# quick question about slate rock...



## magic_marty (Feb 3, 2007)

Hi all..
Today i got some red slate and some rainbow slate as well as a couple of rainbow stones.My question is will adding these rocks to my aquarium affect my PH level? Cause i don't want to mess with the PH levels in the tank..

Thanks a bunch..


----------



## Donut (Jan 28, 2007)

I have a 30gal with about 30lbs of black slate in it. I also have a 10gal planted tank with no rock. Both have the same pH.

From experience, I'd say no it won't affect it.


----------



## Lupin (Aug 2, 2006)

I agree with Donut. Slates are perfectly safe.


----------



## magic_marty (Feb 3, 2007)

the rainbow stones if i rub them when they are wet the make a chalky film on my fingers..Is this going to be a problem you think??

I scrubbed them with a brush in very hot water and also let them soak in a bucket of hot water for about a hour...


----------



## Donut (Jan 28, 2007)

As with all rock (and really anything you put in your tank), you should rinse them off before you put them in. They suggest you boil some things, but if it's slate you bought from a lfs, you're probably ok to just rinse it off to remove all of the rock dust.

Edit: Ooops... shoudl probably read your whole post.
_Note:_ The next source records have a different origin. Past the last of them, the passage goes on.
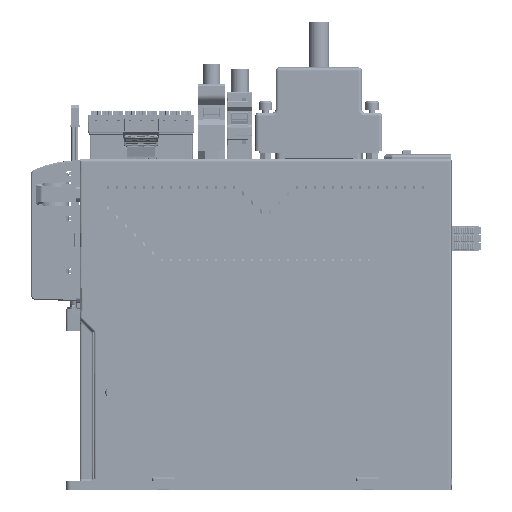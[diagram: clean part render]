
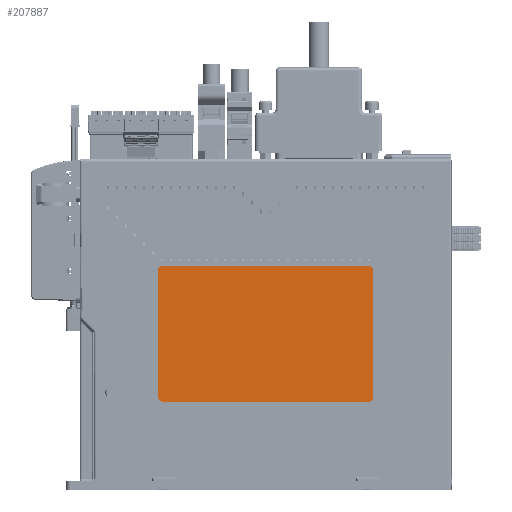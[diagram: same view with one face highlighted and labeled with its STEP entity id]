
A CAD part, left-side view. The second image highlights one B-rep face of the part: STEP entity #207887.
In plain terms, the highlighted planar face has unit normal (-1, 0, 0).
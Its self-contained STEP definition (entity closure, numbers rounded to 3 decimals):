
#71405=DIRECTION('',(0.,0.,1.));
#71406=VECTOR('',#71405,56.);
#71407=CARTESIAN_POINT('',(-24.7,-47.5,41.));
#71408=LINE('',#71407,#71406);
#71417=CARTESIAN_POINT('',(-24.7,45.5,97.));
#71418=DIRECTION('',(1.,0.,0.));
#71419=DIRECTION('',(0.,1.,0.));
#71420=AXIS2_PLACEMENT_3D('',#71417,#71418,#71419);
#71422=DIRECTION('',(0.,-1.,0.));
#71423=VECTOR('',#71422,91.);
#71424=CARTESIAN_POINT('',(-24.7,45.5,99.));
#71425=LINE('',#71424,#71423);
#71426=CARTESIAN_POINT('',(-24.7,-45.5,97.));
#71427=DIRECTION('',(1.,0.,0.));
#71428=DIRECTION('',(0.,0.,1.));
#71429=AXIS2_PLACEMENT_3D('',#71426,#71427,#71428);
#71431=CARTESIAN_POINT('',(-24.7,-45.5,41.));
#71432=DIRECTION('',(1.,0.,0.));
#71433=DIRECTION('',(0.,-1.,0.));
#71434=AXIS2_PLACEMENT_3D('',#71431,#71432,#71433);
#71436=DIRECTION('',(0.,1.,0.));
#71437=VECTOR('',#71436,91.);
#71438=CARTESIAN_POINT('',(-24.7,-45.5,39.));
#71439=LINE('',#71438,#71437);
#71440=CARTESIAN_POINT('',(-24.7,45.5,41.));
#71441=DIRECTION('',(1.,0.,0.));
#71442=DIRECTION('',(0.,0.,-1.));
#71443=AXIS2_PLACEMENT_3D('',#71440,#71441,#71442);
#71445=DIRECTION('',(0.,0.,1.));
#71446=VECTOR('',#71445,56.);
#71447=CARTESIAN_POINT('',(-24.7,47.5,41.));
#71448=LINE('',#71447,#71446);
#87987=CARTESIAN_POINT('',(-24.7,-47.5,97.));
#87988=VERTEX_POINT('',#87987);
#87989=CARTESIAN_POINT('',(-24.7,-47.5,41.));
#87990=VERTEX_POINT('',#87989);
#87991=CARTESIAN_POINT('',(-24.7,-45.5,99.));
#87992=VERTEX_POINT('',#87991);
#87993=CARTESIAN_POINT('',(-24.7,47.5,97.));
#87994=CARTESIAN_POINT('',(-24.7,45.5,99.));
#87995=VERTEX_POINT('',#87993);
#87996=VERTEX_POINT('',#87994);
#87997=CARTESIAN_POINT('',(-24.7,-45.5,39.));
#87998=VERTEX_POINT('',#87997);
#87999=CARTESIAN_POINT('',(-24.7,45.5,39.));
#88000=VERTEX_POINT('',#87999);
#88001=CARTESIAN_POINT('',(-24.7,47.5,41.));
#88002=VERTEX_POINT('',#88001);
#207866=CARTESIAN_POINT('',(-24.7,0.,69.));
#207867=DIRECTION('',(1.,0.,0.));
#207868=DIRECTION('',(0.,-1.,0.));
#207869=AXIS2_PLACEMENT_3D('',#207866,#207867,#207868);
#207870=PLANE('',#207869);
#207872=ORIENTED_EDGE('',*,*,#207871,.T.);
#207874=ORIENTED_EDGE('',*,*,#207873,.T.);
#207875=ORIENTED_EDGE('',*,*,#207850,.T.);
#207876=ORIENTED_EDGE('',*,*,#207833,.F.);
#207878=ORIENTED_EDGE('',*,*,#207877,.T.);
#207880=ORIENTED_EDGE('',*,*,#207879,.T.);
#207882=ORIENTED_EDGE('',*,*,#207881,.T.);
#207884=ORIENTED_EDGE('',*,*,#207883,.T.);
#207885=EDGE_LOOP('',(#207872,#207874,#207875,#207876,#207878,#207880,#207882,
#207884));
#207886=FACE_OUTER_BOUND('',#207885,.F.);
#71421=CIRCLE('',#71420,2.);
#71430=CIRCLE('',#71429,2.);
#71435=CIRCLE('',#71434,2.);
#71444=CIRCLE('',#71443,2.);
#207833=EDGE_CURVE('',#87990,#87988,#71408,.T.);
#207850=EDGE_CURVE('',#87992,#87988,#71430,.T.);
#207871=EDGE_CURVE('',#87995,#87996,#71421,.T.);
#207873=EDGE_CURVE('',#87996,#87992,#71425,.T.);
#207877=EDGE_CURVE('',#87990,#87998,#71435,.T.);
#207879=EDGE_CURVE('',#87998,#88000,#71439,.T.);
#207881=EDGE_CURVE('',#88000,#88002,#71444,.T.);
#207883=EDGE_CURVE('',#88002,#87995,#71448,.T.);
#207887=ADVANCED_FACE('',(#207886),#207870,.F.);

You probably loosened parts of the rock with the brush.


----------



## musho3210 (Dec 28, 2006)

rinse and scrub the dust and rubble off, boiling is reccomended as was stated earlier, take some vinigar and place a drop of it on the rock, if it fizzes then dont use it as it will effect the PH, if it doesnt fizz then place it in your aquarium


----------



## magic_marty (Feb 3, 2007)

ok thanks, i had forgotten about the vinigar test.The vinigar i have is kind of old, prolly 2 years or so will that matter?


----------



## daisycutter (Jan 4, 2007)

slate is basicly fossiled mud and sometimes it may disintergrate into small particles but it still remains inert


----------



## magic_marty (Feb 3, 2007)

3 of these rocks i don't think are slate, but that is what they were labeled as.
I'll take a picture and post it here and maybe it will help..


----------



## magic_marty (Feb 3, 2007)

ok, here is a good picture of the stones with a ram posing for the shot... :wink:


----------



## musho3210 (Dec 28, 2006)

did you silicone the pieces together, ive heard of cave ins and stuff with people whos rock werent steady enough and fell on fish


----------



## Donut (Jan 28, 2007)

Just use common sense when stacking them...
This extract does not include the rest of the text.